I think what has just happened is that the full congress has voted against allowing the 42 delegates to vote on amending the constitution which would have allowed McQuaid's candidacy via nomination by 2 federations where he is not a member.

So I think McQuaid can still be in the race if congress votes to allow his nomination from federations where he was not resident but is a member, perhaps on an honorary basis.

That said, the nomination process has started and Cookson is making his pitch and there will only be a congressional vote on the validity of McQuaid's nomination after the pitches...


----------



## thom (27 Sep 2013)

Wowsers - the Swiss nomination is being argued as still standing because it was withdrawn after the deadline for nominations passed....


----------



## Crackle (27 Sep 2013)

thom said:


> Wowsers - the Swiss nomination is being argued as still standing because it was withdrawn after the deadline for nominations passed....


Well they already said that under Swiss law belonging to multiple federations is possible.
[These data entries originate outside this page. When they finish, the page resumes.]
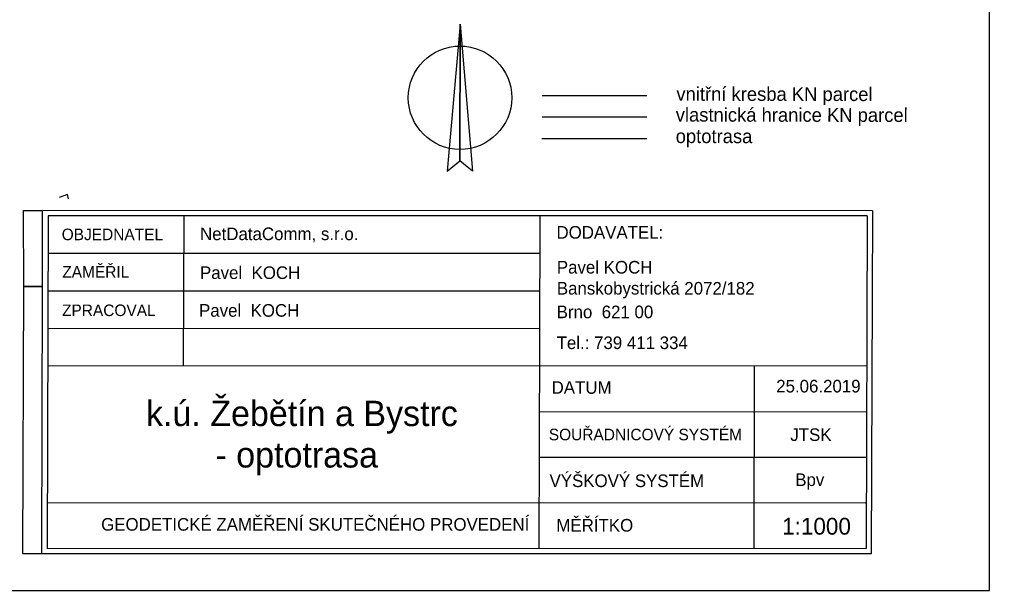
# Model space of a CAD drawing. Extents: x -606208 to -605570, y -1157873 to -1157573.
# Drawn here: x -605756.7 to -605573.3, y -1157873.5 to -1157765.4 of the extents above; entities that cross this region are included whole.
import ezdxf

# ---------------------------------------------------------------- set-up
doc = ezdxf.new("R2010")
doc.units = 0
for name, color, linetype in [('Vrstva 1', 7, 'Continuous'), ('Vrstva 62', 7, 'Continuous'), ('Vrstva 63', 7, 'Continuous')]:
    doc.layers.add(name, color=color, linetype=linetype)

msp = doc.modelspace()

# ---------------------------------------------------------------- linework, layer by layer
at = {"layer": 'Vrstva 1'}
msp.add_lwpolyline([(-606203.28, -1157873.46), (-605573.29, -1157873.46), (-605573.29, -1157576.47), (-606203.28, -1157576.47)], close=True, dxfattribs=at)
at = {"layer": 'Vrstva 62'}
for p, q in [((-605747.67, -1157798.52), (-605749.23, -1157799.08)), ((-605747.48, -1157799.33), (-605747.67, -1157798.52))]:
    msp.add_line(p, q, dxfattribs=at)
at = {"layer": 'Vrstva 63'}
for p, q in [((-605673.4, -1157766.3), (-605675.86, -1157794.11)), ((-605673.4, -1157766.3), (-605673.46, -1157792.12)), ((-605673.46, -1157792.12), (-605673.4, -1157766.3)), ((-605673.4, -1157766.3), (-605671.06, -1157794.12)), ((-605657.92, -1157779.78), (-605638.11, -1157779.79)), ((-605657.92, -1157783.84), (-605638.12, -1157783.85)), ((-605657.93, -1157787.9), (-605638.13, -1157787.91)), ((-605675.86, -1157794.11), (-605673.46, -1157792.12)), ((-605671.06, -1157794.12), (-605673.46, -1157792.12)), ((-605595.44, -1157801.59), (-605752.42, -1157801.56)), ((-605595.44, -1157801.59), (-605595.7, -1157866.5)), ((-605751.3, -1157802.57), (-605751.52, -1157865.53)), ((-605596.42, -1157802.58), (-605751.3, -1157802.57)), ((-605725.69, -1157830.98), (-605725.62, -1157802.57)), ((-605658.36, -1157826.19), (-605658.3, -1157802.57)), ((-605596.42, -1157802.58), (-605596.62, -1157865.51)), ((-605658.33, -1157809.69), (-605751.29, -1157809.69)), ((-605658.34, -1157816.83), (-605751.37, -1157816.79)), ((-605658.38, -1157823.91), (-605751.36, -1157823.9)), ((-605658.46, -1157865.55), (-605658.36, -1157826.19)), ((-605596.51, -1157830.94), (-605751.41, -1157830.97)), ((-605617.84, -1157865.54), (-605617.76, -1157830.99)), ((-605596.58, -1157839.67), (-605658.4, -1157839.63)), ((-605596.55, -1157848.3), (-605658.43, -1157848.3)), ((-605596.77, -1157856.91), (-605751.57, -1157856.87)), ((-605596.62, -1157865.51), (-605751.52, -1157865.53)), ((-605595.7, -1157866.5), (-605752.6, -1157866.5))]:
    msp.add_line(p, q, dxfattribs=at)
for points in [[(-605755.93, -1157815.92), (-605755.96, -1157801.56), (-605752.42, -1157801.56), (-605752.45, -1157815.9)], [(-605756.1, -1157866.52), (-605755.93, -1157815.92), (-605752.45, -1157815.9), (-605752.6, -1157866.5)]]:
    msp.add_lwpolyline(points, close=True, dxfattribs=at)
msp.add_circle((-605673.43, -1157780.21), 9.78, dxfattribs=at)

# ---------------------------------------------------------------- texts
for s, height, rotation, p in [('vnitřní kresba KN parcel', 2.6, 359.9083, (-605632.52, -1157780.78)), ('vlastnická hranice KN parcel', 2.6, 359.9083, (-605632.64, -1157784.72)), ('optotrasa', 2.6, 359.9083, (-605632.65, -1157788.78)), ('OBJEDNATEL', 2.186, 359.9959, (-605748.75, -1157807.16)), ('NetDataComm, s.r.o.', 2.3843, 359.9959, (-605722.59, -1157807.15)), ('DODAVATEL:', 2.384, 359.9959, (-605655.19, -1157806.87)), ('Pavel KOCH', 2.384, 359.9959, (-605655.12, -1157813.47)), ('ZAMĚŘIL', 2.186, 359.9959, (-605748.64, -1157814.24)), ('Pavel  KOCH', 2.3843, 359.9959, (-605722.6, -1157814.5)), ('Banskobystrická 2072/182', 2.3843, 359.9959, (-605655.12, -1157817.45)), ('ZPRACOVAL', 2.186, 359.9959, (-605748.69, -1157821.52)), ('Pavel  KOCH', 2.3843, 359.9959, (-605722.78, -1157821.64)), ('Brno  621 00', 2.3843, 359.9959, (-605655.15, -1157821.92)), ('Tel.: 739 411 334', 2.3843, 359.9959, (-605655.17, -1157827.76)), ('DATUM', 2.384, 359.9959, (-605656.11, -1157836.22)), ('25.06.2019', 2.384, 359.9959, (-605613.64, -1157835.97)), ('k.ú. Žebětín a Bystrc', 4.8083, 359.9959, (-605732.81, -1157842.33)), ('SOUŘADNICOVÝ SYSTÉM', 2.1856, 359.9959, (-605656.64, -1157845.02)), ('JTSK', 2.384, 359.9959, (-605610.97, -1157845.15)), ('- optotrasa', 4.8083, 359.9959, (-605719.68, -1157850.17)), ('VÝŠKOVÝ SYSTÉM', 2.3843, 359.9959, (-605656.5, -1157853.87)), ('Bpv', 2.384, 359.9959, (-605610.04, -1157853.67)), ('GEODETICKÉ ZAMĚŘENÍ SKUTEČNÉHO PROVEDENÍ', 2.3843, 359.9959, (-605741.29, -1157862.12)), ('MĚŘÍTKO', 2.384, 359.9959, (-605655.21, -1157862.29)), ('1:1000', 3.179, 359.9959, (-605612.52, -1157862.87))]:
    msp.add_text(s, height=height, rotation=rotation, dxfattribs=at).set_placement(p)

doc.saveas('drawing.dxf')

It looks like Phat may get his foot in the door, which is not entirely unexpected, I just rather hoped he wouldn't.


----------



## deptfordmarmoset (27 Sep 2013)

@thom - I curse you for posting up that link! I'm not going to get anything done now.

And I'm now confused. What does this mean:



> Despite all experts speeches, candidates being asked to vote if McQuaid is a valid candidate. Vote not on agenda. #*ucicongress*


----------



## thom (27 Sep 2013)

Crackle said:


> Well they already said that under Swiss law belonging to multiple federations is possible. It looks like Phat may get his foot in the door, which is not entirely unexpected, I just rather hoped he wouldn't.


The UCI appointed lawyer said that...
The swiss nomination, cancelled because it was invalid, may stand because they withdrew it too late...

Currently there are 9 federations getting up and saying stuff like 
Uganda : we should just get on with it and have a vote
Algeria : I want to be watching the U23 road race, not sitting here doing this (at which point an Algerian rider crashes into a bollard or something)
Australia : if Pat is nominated by an asian & african federation but is european himself, how do you allocate seats on the UCI management committee ?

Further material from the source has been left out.